# 2012 Top Producer of the Year



## Vol (Jul 5, 2009)

This North Dakota potato farmer is 2012 Top Producer of the year.
Top Producer Seminar Scroll down the page to watch.

Regards, Mike


----------



## swmnhay (Jun 13, 2008)

Why is it that they call it Top Producer.Why don't they call it the Biggest Producer.

Was watching AgDay this week and they had one of the other guys farming 40,000 acres in Mich.

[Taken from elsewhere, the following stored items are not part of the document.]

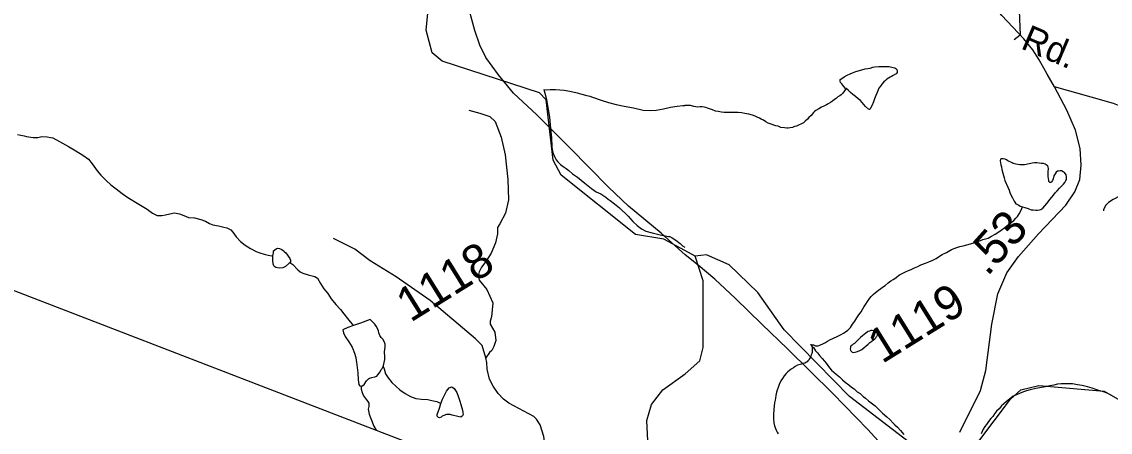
# Model space of a CAD drawing. Extents: x 2001466 to 31450019, y -30647475 to 847247.
# Drawn here: x 2032407 to 2040348, y 663620 to 666615 of the extents above; entities that cross this region are included whole.
import ezdxf

# ---------------------------------------------------------------- set-up
doc = ezdxf.new("R2010")
doc.units = 0
for name, color, linetype in [('Exist Boundary Political CountyLine', 7, 'Continuous'), ('Exist Hydrographic Misc Water Feature', 7, 'Continuous'), ('Exist Railroad Mainline', 7, 'Continuous'), ('Exist Road Non-System Type 51', 7, 'Continuous'), ('Exist Road Secondary Mileage Hundredths English Label', 7, 'Continuous'), ('Exist Road Secondary Type 51 Attributed', 7, 'Continuous'), ('Exist Road Secondary Type 51 Label', 7, 'Continuous'), ('Exist Road Secondary Type 51 Number Label', 7, 'Continuous')]:
    doc.layers.add(name, color=color, linetype=linetype)

msp = doc.modelspace()

# ---------------------------------------------------------------- linework, layer by layer
at = {"layer": 'Exist Boundary Political CountyLine'}
msp.add_lwpolyline([(2025347, 667357.1), (2026293.9, 666990.5), (2073692.9, 648709.4), (2076162.7, 647794.5), (2078580.1, 646988.2), (2083338.8, 645254.9), (2086621.1, 644117.9)], dxfattribs=at)
at = {"layer": 'Exist Hydrographic Misc Water Feature'}
for p, q in [((2037319.4, 664905.3), (2037245.6, 664946.2)), ((2038162.5, 664260.6), (2038164.6, 664256.6))]:
    msp.add_line(p, q, dxfattribs=at)
for points in [[(2037245.6, 664946.2), (2037092.4, 665027.9), (2036884.5, 665061.8), (2036342.5, 665496), (2036284.5, 665605.4), (2036234.4, 666046.1), (2036184.4, 666096.4), (2035475.5, 666327.3), (2035400.5, 666387.8), (2035358.5, 666552.7), (2035383.5, 666827.8), (2035158.5, 667176.9), (2035025.5, 667320.7), (2034950.4, 667492.8), (2034924.6, 667726.3), (2034849.5, 667803.3), (2034758.5, 668061.1)], [(2038421.1, 666126.9), (2038417.2, 666128.9), (2038405.1, 666142.8), (2038389.1, 666160.8), (2038381.1, 666170.8), (2038377, 666180.7), (2038377, 666186.7), (2038379.1, 666192.8), (2038389.1, 666200.8), (2038407, 666212.8), (2038428.9, 666224.8), (2038450.9, 666234.9), (2038468.9, 666242.9), (2038492.9, 666253), (2038536.8, 666265), (2038560.8, 666271.1), (2038580.9, 666273.1), (2038596.8, 666277.2), (2038616.7, 666283.2), (2038630.9, 666285.2), (2038660.8, 666287.3), (2038692.8, 666289.4), (2038712.7, 666289.4), (2038734.8, 666287.4), (2038764.8, 666281.5), (2038776.9, 666277.5), (2038784.9, 666273.5), (2038790.8, 666265.5), (2038794.7, 666253.5), (2038792.9, 666243.5), (2038786.9, 666235.5), (2038781, 666231.5), (2038765, 666221.5), (2038752.9, 666215.5), (2038742.8, 666209.4), (2038718.9, 666195.4), (2038709, 666187.4), (2038697.1, 666175.4), (2038683, 666159.4), (2038671.1, 666145.3), (2038661, 666131.3), (2038655.1, 666117.3), (2038647.1, 666099.3), (2038637.2, 666077.2), (2038633.1, 666065.2), (2038629.2, 666053.3), (2038621.3, 666031.2), (2038609.4, 666001.2), (2038599.5, 665983.2), (2038595.4, 665975.2), (2038591.3, 665975.2), (2038585.4, 665977.2), (2038563.2, 665997.1), (2038525.3, 666039.1), (2038509.3, 666053), (2038489.2, 666069), (2038471.2, 666083), (2038453.1, 666098.9), (2038435.3, 666114.9), (2038421.1, 666126.9)], [(2036216, 666121.1), (2036236.5, 666117.4), (2036262.3, 666119.4), (2036302.5, 666121), (2036364.4, 666115.6), (2036406.5, 666107.4), (2036458.4, 666097.3), (2036492.4, 666087.6), (2036520.5, 666079.6), (2036550.6, 666071.7), (2036570.5, 666063.9), (2036634.5, 666042.1), (2036686.8, 666025.4), (2036744.6, 666010.3), (2036802.6, 666000.1), (2036870.5, 665986.5), (2036940.6, 665970.3), (2036994.8, 665968.3), (2037036.6, 665970.8), (2037088.5, 665978.7), (2037140.6, 665992.4), (2037189, 665999.6), (2037230.6, 666002.9), (2037244.7, 666002.6)], [(2036216, 666121.1), (2036224.6, 666093), (2036236.5, 666046.8), (2036246.7, 665975.3), (2036257, 665919.3), (2036265, 665835.5), (2036271.1, 665767.3), (2036275.2, 665703.2), (2036277.3, 665683.5), (2036285.3, 665653), (2036293.3, 665631.5), (2036307.2, 665607.4), (2036317.5, 665591.6), (2036337.4, 665573.2), (2036357.5, 665559.6), (2036379.4, 665543.6), (2036399.5, 665529.2), (2036425.3, 665505.8), (2036439.5, 665495.6), (2036461.4, 665481.3), (2036515.6, 665437.5), (2036563.8, 665398), (2036597.6, 665373.5), (2036631.8, 665358.1), (2036667.7, 665334.3), (2036685.8, 665320), (2036699.7, 665309.9), (2036731.7, 665286.3), (2036768, 665256), (2036832, 665196.5), (2036866, 665158), (2036898, 665128.7), (2036927.9, 665104.3), (2036960.1, 665086.4), (2037006.1, 665074.8), (2037064.1, 665060.5), (2037126, 665048.7), (2037136.1, 665046.8), (2037152.1, 665039.1), (2037178.1, 665020.5), (2037210.3, 664996.9), (2037228.1, 664980.9), (2037246, 664969.9)], [(2038421.1, 666126.9), (2038409.2, 666110.9), (2038397.1, 666094.8), (2038385.2, 666082.8), (2038375.4, 666074.8), (2038361.2, 666066.7), (2038349.4, 666054.7), (2038337.3, 666046.7), (2038323.3, 666036.6), (2038307.3, 666026.6), (2038291.3, 666016.6), (2038277.4, 666008.6), (2038259.3, 665998.6), (2038241.5, 665990.6), (2038223.4, 665980.5), (2038201.5, 665968.5), (2038191.5, 665960.5), (2038183.5, 665952.4), (2038165.6, 665930.4), (2038149.6, 665916.3), (2038139.6, 665904.3), (2038121.7, 665888.3), (2038109.6, 665878.3), (2038091.6, 665868.3), (2038079.7, 665862.3), (2038059.6, 665854.2), (2038045.7, 665850.2), (2038029.7, 665844.2), (2038013.7, 665840.2), (2037999.7, 665838.1), (2037989.7, 665838.1), (2037971.9, 665840.1), (2037945.8, 665844), (2037925.7, 665851.9), (2037907.7, 665855.9), (2037893.7, 665859.9), (2037873.6, 665867.8), (2037853.7, 665875.8), (2037835.7, 665885.8), (2037819.7, 665895.8), (2037801.7, 665903.7), (2037789.8, 665911.7), (2037771.7, 665919.7), (2037757.6, 665925.7), (2037737.5, 665933.6), (2037711.6, 665941.5), (2037681.5, 665945.5), (2037659.6, 665949.4), (2037633.5, 665953.4), (2037609.5, 665953.3), (2037589.6, 665953.3), (2037565.6, 665953.3), (2037547.6, 665953.3), (2037531.6, 665953.2), (2037511.5, 665955.1), (2037487.5, 665959.1), (2037467.6, 665963.1), (2037447.5, 665971.1), (2037425.6, 665979), (2037409.6, 665985), (2037397.5, 665989), (2037385.6, 665991), (2037371.5, 665992.9), (2037355.5, 665992.9), (2037339.5, 665992.8), (2037325.5, 665994.8), (2037309.5, 665996.8), (2037285.5, 666002.8), (2037266.3, 666003.5), (2037244.7, 666002.6)], [(2032375.8, 665793), (2032425.8, 665783), (2032441.8, 665778.6), (2032489.8, 665771.1), (2032523.8, 665771.2), (2032554, 665777.2), (2032593.7, 665774.6), (2032619.8, 665770.9), (2032633.9, 665767.3), (2032681.9, 665740.9), (2032703.9, 665729), (2032747.7, 665703.5), (2032801.9, 665673.7), (2032851.9, 665641.5), (2032893.9, 665611.9), (2032922, 665577.7), (2032958.1, 665527.8), (2032984.2, 665496.1), (2033022.3, 665455.9), (2033058.4, 665425.6), (2033095.1, 665394.6), (2033140.4, 665360.8), (2033182.2, 665332.1), (2033260.6, 665284.6), (2033322.5, 665246.4), (2033360.6, 665218.5), (2033394.5, 665202.3), (2033428.5, 665200.8), (2033456.6, 665206.8), (2033486.5, 665214.4), (2033522.6, 665221), (2033558.7, 665212.9), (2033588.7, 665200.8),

Wasn't IllFF Top Producer a couple yrs ago?Bankrupt now!


----------



## NDVA HAYMAN (Nov 24, 2009)

Cy, Illff is now bankrupt but I'm sure he will be back up and running soon. Agday also had the other guy on that farmed a bunch of land and didn't own 1 acre of land or any other assets. I did see the article months ago on Agday about the potato farmer that won. It was a very interesting interview. Mike


----------



## swmnhay (Jun 13, 2008)

NDVA HAYMAN said:


> Cy, Illff is now bankrupt but I'm sure he will be back up and running soon. Agday also had the other guy on that farmed a bunch of land and didn't own 1 acre of land or any other assets. I did see the article months ago on Agday about the potato farmer that won. It was a very interesting interview. Mike


I find it amazing some get so big with very little assets.They must BS better then I do.Got the bankers snowed and suppliers beating down the door to get their bussiness.Then go belly up and the rest of us get to pay a little more to the bank,suppliers,etc so they can cover their loss.


----------